WORK TASK>
The answer must be an exact copy of the records, with every picture left out.

[Data entries]
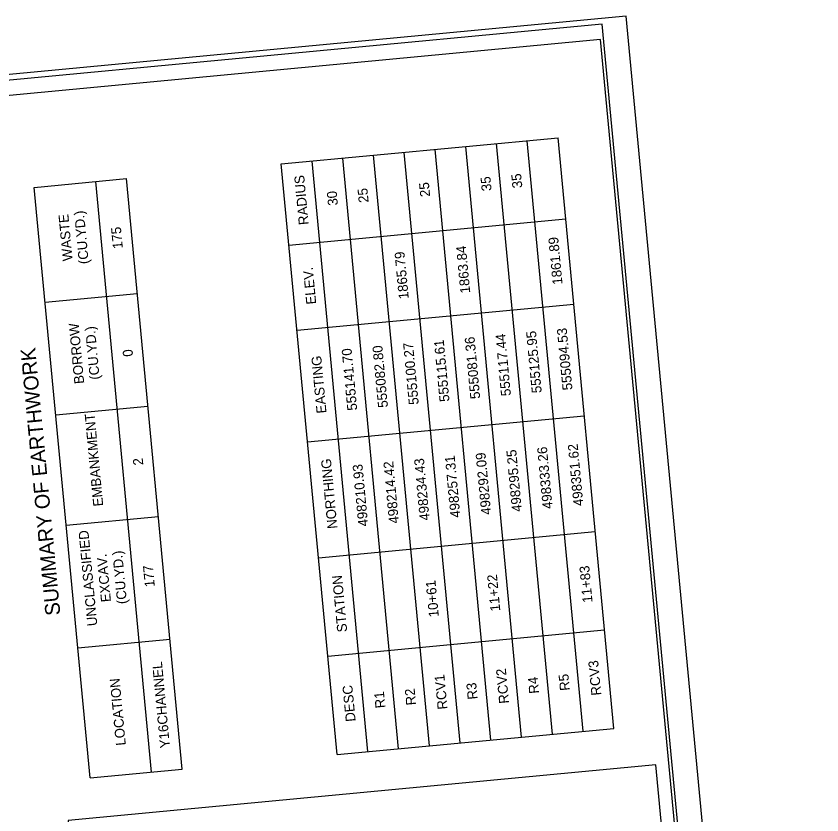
# Model space of a CAD drawing. Extents: x 554635 to 555260, y 497951 to 498841.
# Drawn here: x 554933.4 to 555259.5, y 498517.4 to 498840.6 of the extents above; entities that cross this region are included whole.
import ezdxf

# ---------------------------------------------------------------- set-up
doc = ezdxf.new("R2010")
doc.units = 0
for name, color, linetype in [('Prop Plan Preparation Table Ditch Data CELL', 7, 'Continuous'), ('Scratch_Level_0', 7, 'Continuous'), ('Sheet Layout Plan Border', 7, 'Continuous'), ('Sheet Plan CELL', 7, 'Continuous'), ('Sheet Plot Border Inside CELL', 7, 'Continuous'), ('Sheet Plot Border Outside CELL', 7, 'Continuous')]:
    doc.layers.add(name, color=color, linetype=linetype)

msp = doc.modelspace()

# ---------------------------------------------------------------- linework, layer by layer
at = {"layer": 'Prop Plan Preparation Table Ditch Data CELL'}
for p, q in [((555040.73, 498780.74), (555152.74, 498791.33)), ((555175.32, 498552.4), (555152.74, 498791.33)), ((555137.99, 498548.87), (555115.4, 498787.8)), ((555150.44, 498550.05), (555127.85, 498788.98)), ((555162.88, 498551.22), (555140.29, 498790.16)), ((555100.66, 498545.34), (555078.07, 498784.27)), ((555113.1, 498546.52), (555090.51, 498785.45)), ((555125.55, 498547.69), (555102.96, 498786.63)), ((555075.77, 498542.99), (555053.18, 498781.92)), ((555088.21, 498544.16), (555065.62, 498783.1)), ((555000.66, 498535.89), (554978.07, 498774.82)), ((554988.22, 498534.71), (554965.63, 498773.64)), ((555043.83, 498747.95), (555155.84, 498758.54)), ((554945.13, 498724.81), (554982.46, 498728.34)), ((555047.1, 498713.45), (555159.1, 498724.04)), ((554949.44, 498679.26), (554986.77, 498682.79)), ((555051.36, 498668.31), (555163.37, 498678.9)), ((554953.66, 498634.56), (554991, 498638.09)), ((555055.79, 498621.46), (555167.79, 498632.04)), ((555059.56, 498581.63), (555171.56, 498592.22)), ((554958.35, 498584.94), (554995.69, 498588.47)), ((555063.32, 498541.81), (555175.32, 498552.4)), ((554963.33, 498532.36), (555000.66, 498535.89))]:
    msp.add_line(p, q, dxfattribs=at)
for points in [[(555063.32, 498541.81), (555040.73, 498780.74), (555152.74, 498791.33)], [(554963.33, 498532.36), (554940.74, 498771.29), (554978.07, 498774.82)]]:
    msp.add_lwpolyline(points, dxfattribs=at)
at = {"layer": 'Scratch_Level_0'}
msp.add_line((554940.74, 498771.29), (554978.07, 498774.82), dxfattribs=at)
at = {"layer": 'Sheet Layout Plan Border'}
msp.add_lwpolyline([(555232.94, 498108.76), (555192.39, 498537.63), (554954.42, 498515.13), (554994.97, 498086.26)], close=True, dxfattribs=at)
msp.add_lwpolyline([(555232.94, 498108.76), (555192.39, 498537.63), (554954.42, 498515.13), (554994.97, 498086.26)], close=True, dxfattribs=at)
at = {"layer": 'Sheet Plan CELL'}
msp.add_lwpolyline([(554647.23, 498781.63), (554717.82, 498034.95), (555240.49, 498084.36), (555169.9, 498831.04)], close=True, dxfattribs=at)
at = {"layer": 'Sheet Plot Border Inside CELL'}
msp.add_lwpolyline([(555248.96, 498008.08), (555170.55, 498837.37), (554645.4, 498787.73), (554723.81, 497958.43)], close=True, dxfattribs=at)
at = {"layer": 'Sheet Plot Border Outside CELL'}
msp.add_lwpolyline([(555259.53, 498002.55), (555180.3, 498840.56), (554635.23, 498789.03), (554714.46, 497951.01)], close=True, dxfattribs=at)

# ---------------------------------------------------------------- texts
at = {"layer": 'Prop Plan Preparation Table Ditch Data CELL'}
for s, height, p in [('RADIUS', 4, (555051.84, 498756.26)), ('35', 4, (555125.88, 498769.95)), ('35', 4, (555138.32, 498771.13)), ('25', 4, (555076.1, 498765.24)), ('25', 4, (555100.99, 498767.6)), ('30', 4, (555063.66, 498764.07)), ('(CU.YD.)', 4, (554962.85, 498740.42)), ('WASTE', 4, (554956.3, 498741.69)), ('175', 4, (554976.61, 498746.59)), ('1861.89', 4, (555154.57, 498732.12)), ('1865.79', 4, (555092.34, 498726.24)), ('1863.84', 4, (555117.23, 498728.59)), ('ELEV.', 4, (555054.88, 498724.11)), ('BORROW', 4, (554961, 498691.94)), ('(CU.YD.)', 4, (554967.27, 498693.65)), ('555125.95', 4, (555146.16, 498688.22)), ('555094.53', 4, (555158.61, 498689.39)), ('555115.61', 4, (555108.83, 498684.69)), ('555081.36', 4, (555121.27, 498685.86)), ('555117.44', 4, (555133.72, 498687.04)), ('SUMMARY OF EARTHWORK', 6, (554951.34, 498598.33)), ('0', 4, (554980.74, 498702.97)), ('555141.70', 4, (555071.49, 498681.16)), ('555082.80', 4, (555083.94, 498682.33)), ('555100.27', 4, (555096.38, 498683.51)), ('EASTING', 4, (555059.05, 498680)), ('EMBANKMENT', 4, (554968.67, 498642.4)), ('498351.62', 4, (555163.04, 498642.54)), ('498292.09', 4, (555125.7, 498639.01)), ('498295.25', 4, (555138.15, 498640.19)), ('498333.26', 4, (555150.59, 498641.36)), ('2', 4, (554984.89, 498659.01)), ('NORTHING', 4, (555063.46, 498633.34)), ('498214.42', 4, (555088.37, 498635.48)), ('498234.43', 4, (555100.81, 498636.66)), ('498257.31', 4, (555113.26, 498637.83)), ('498210.93', 4, (555075.92, 498634.3)), ('UNCLASSIFIED ', 4, (554966.29, 498593.97)), ('(CU.YD.)', 4, (554978.31, 498602.87)), ('EXCAV.', 4, (554971.8, 498603.66)), ('177', 4, (554989.55, 498609.73)), ('11+83', 4, (555166.73, 498603.45)), ('11+22', 4, (555129.4, 498599.92)), ('STATION', 4, (555067.42, 498591.48)), ('10+61', 4, (555104.51, 498597.57)), ('Y16CHANNEL', 4, (554995.71, 498544.62)), ('RCV3', 4, (555170.28, 498565.88)), ('RCV2', 4, (555132.93, 498562.59)), ('LOCATION', 4, (554977.82, 498545.62)), ('RCV1', 4, (555108.04, 498560.23)), ('R4', 4, (555145.1, 498566.62)), ('R5', 4, (555157.55, 498567.8)), ('DESC', 4, (555070.84, 498555.29)), ('R3', 4, (555120.21, 498564.27)), ('R1', 4, (555082.88, 498560.74)), ('R2', 4, (555095.32, 498561.92))]:
    msp.add_text(s, height=height, rotation=95.4008, dxfattribs=at).set_placement(p)

doc.saveas('drawing.dxf')

ANSWER>
# Model space of a CAD drawing. Extents: x 554635 to 555260, y 497951 to 498841.
# Drawn here: x 554933.4 to 555259.5, y 498517.4 to 498840.6 of the extents above; entities that cross this region are included whole.
import ezdxf

# ---------------------------------------------------------------- set-up
doc = ezdxf.new("R2010")
doc.units = 0
for name, color, linetype in [('Prop Plan Preparation Table Ditch Data CELL', 7, 'Continuous'), ('Scratch_Level_0', 7, 'Continuous'), ('Sheet Layout Plan Border', 7, 'Continuous'), ('Sheet Plan CELL', 7, 'Continuous'), ('Sheet Plot Border Inside CELL', 7, 'Continuous'), ('Sheet Plot Border Outside CELL', 7, 'Continuous')]:
    doc.layers.add(name, color=color, linetype=linetype)

msp = doc.modelspace()

# ---------------------------------------------------------------- linework, layer by layer
at = {"layer": 'Prop Plan Preparation Table Ditch Data CELL'}
for p, q in [((555040.73, 498780.74), (555152.74, 498791.33)), ((555175.32, 498552.4), (555152.74, 498791.33)), ((555137.99, 498548.87), (555115.4, 498787.8)), ((555150.44, 498550.05), (555127.85, 498788.98)), ((555162.88, 498551.22), (555140.29, 498790.16)), ((555100.66, 498545.34), (555078.07, 498784.27)), ((555113.1, 498546.52), (555090.51, 498785.45)), ((555125.55, 498547.69), (555102.96, 498786.63)), ((555075.77, 498542.99), (555053.18, 498781.92)), ((555088.21, 498544.16), (555065.62, 498783.1)), ((555000.66, 498535.89), (554978.07, 498774.82)), ((554988.22, 498534.71), (554965.63, 498773.64)), ((555043.83, 498747.95), (555155.84, 498758.54)), ((554945.13, 498724.81), (554982.46, 498728.34)), ((555047.1, 498713.45), (555159.1, 498724.04)), ((554949.44, 498679.26), (554986.77, 498682.79)), ((555051.36, 498668.31), (555163.37, 498678.9)), ((554953.66, 498634.56), (554991, 498638.09)), ((555055.79, 498621.46), (555167.79, 498632.04)), ((555059.56, 498581.63), (555171.56, 498592.22)), ((554958.35, 498584.94), (554995.69, 498588.47)), ((555063.32, 498541.81), (555175.32, 498552.4)), ((554963.33, 498532.36), (555000.66, 498535.89))]:
    msp.add_line(p, q, dxfattribs=at)
for points in [[(555063.32, 498541.81), (555040.73, 498780.74), (555152.74, 498791.33)], [(554963.33, 498532.36), (554940.74, 498771.29), (554978.07, 498774.82)]]:
    msp.add_lwpolyline(points, dxfattribs=at)
at = {"layer": 'Scratch_Level_0'}
msp.add_line((554940.74, 498771.29), (554978.07, 498774.82), dxfattribs=at)
at = {"layer": 'Sheet Layout Plan Border'}
msp.add_lwpolyline([(555232.94, 498108.76), (555192.39, 498537.63), (554954.42, 498515.13), (554994.97, 498086.26)], close=True, dxfattribs=at)
msp.add_lwpolyline([(555232.94, 498108.76), (555192.39, 498537.63), (554954.42, 498515.13), (554994.97, 498086.26)], close=True, dxfattribs=at)
at = {"layer": 'Sheet Plan CELL'}
msp.add_lwpolyline([(554647.23, 498781.63), (554717.82, 498034.95), (555240.49, 498084.36), (555169.9, 498831.04)], close=True, dxfattribs=at)
at = {"layer": 'Sheet Plot Border Inside CELL'}
msp.add_lwpolyline([(555248.96, 498008.08), (555170.55, 498837.37), (554645.4, 498787.73), (554723.81, 497958.43)], close=True, dxfattribs=at)
at = {"layer": 'Sheet Plot Border Outside CELL'}
msp.add_lwpolyline([(555259.53, 498002.55), (555180.3, 498840.56), (554635.23, 498789.03), (554714.46, 497951.01)], close=True, dxfattribs=at)

# ---------------------------------------------------------------- texts
at = {"layer": 'Prop Plan Preparation Table Ditch Data CELL'}
for s, height, p in [('RADIUS', 4, (555051.84, 498756.26)), ('35', 4, (555125.88, 498769.95)), ('35', 4, (555138.32, 498771.13)), ('25', 4, (555076.1, 498765.24)), ('25', 4, (555100.99, 498767.6)), ('30', 4, (555063.66, 498764.07)), ('(CU.YD.)', 4, (554962.85, 498740.42)), ('WASTE', 4, (554956.3, 498741.69)), ('175', 4, (554976.61, 498746.59)), ('1861.89', 4, (555154.57, 498732.12)), ('1865.79', 4, (555092.34, 498726.24)), ('1863.84', 4, (555117.23, 498728.59)), ('ELEV.', 4, (555054.88, 498724.11)), ('BORROW', 4, (554961, 498691.94)), ('(CU.YD.)', 4, (554967.27, 498693.65)), ('555125.95', 4, (555146.16, 498688.22)), ('555094.53', 4, (555158.61, 498689.39)), ('555115.61', 4, (555108.83, 498684.69)), ('555081.36', 4, (555121.27, 498685.86)), ('555117.44', 4, (555133.72, 498687.04)), ('SUMMARY OF EARTHWORK', 6, (554951.34, 498598.33)), ('0', 4, (554980.74, 498702.97)), ('555141.70', 4, (555071.49, 498681.16)), ('555082.80', 4, (555083.94, 498682.33)), ('555100.27', 4, (555096.38, 498683.51)), ('EASTING', 4, (555059.05, 498680)), ('EMBANKMENT', 4, (554968.67, 498642.4)), ('498351.62', 4, (555163.04, 498642.54)), ('498292.09', 4, (555125.7, 498639.01)), ('498295.25', 4, (555138.15, 498640.19)), ('498333.26', 4, (555150.59, 498641.36)), ('2', 4, (554984.89, 498659.01)), ('NORTHING', 4, (555063.46, 498633.34)), ('498214.42', 4, (555088.37, 498635.48)), ('498234.43', 4, (555100.81, 498636.66)), ('498257.31', 4, (555113.26, 498637.83)), ('498210.93', 4, (555075.92, 498634.3)), ('UNCLASSIFIED ', 4, (554966.29, 498593.97)), ('(CU.YD.)', 4, (554978.31, 498602.87)), ('EXCAV.', 4, (554971.8, 498603.66)), ('177', 4, (554989.55, 498609.73)), ('11+83', 4, (555166.73, 498603.45)), ('11+22', 4, (555129.4, 498599.92)), ('STATION', 4, (555067.42, 498591.48)), ('10+61', 4, (555104.51, 498597.57)), ('Y16CHANNEL', 4, (554995.71, 498544.62)), ('RCV3', 4, (555170.28, 498565.88)), ('RCV2', 4, (555132.93, 498562.59)), ('LOCATION', 4, (554977.82, 498545.62)), ('RCV1', 4, (555108.04, 498560.23)), ('R4', 4, (555145.1, 498566.62)), ('R5', 4, (555157.55, 498567.8)), ('DESC', 4, (555070.84, 498555.29)), ('R3', 4, (555120.21, 498564.27)), ('R1', 4, (555082.88, 498560.74)), ('R2', 4, (555095.32, 498561.92))]:
    msp.add_text(s, height=height, rotation=95.4008, dxfattribs=at).set_placement(p)

doc.saveas('drawing.dxf')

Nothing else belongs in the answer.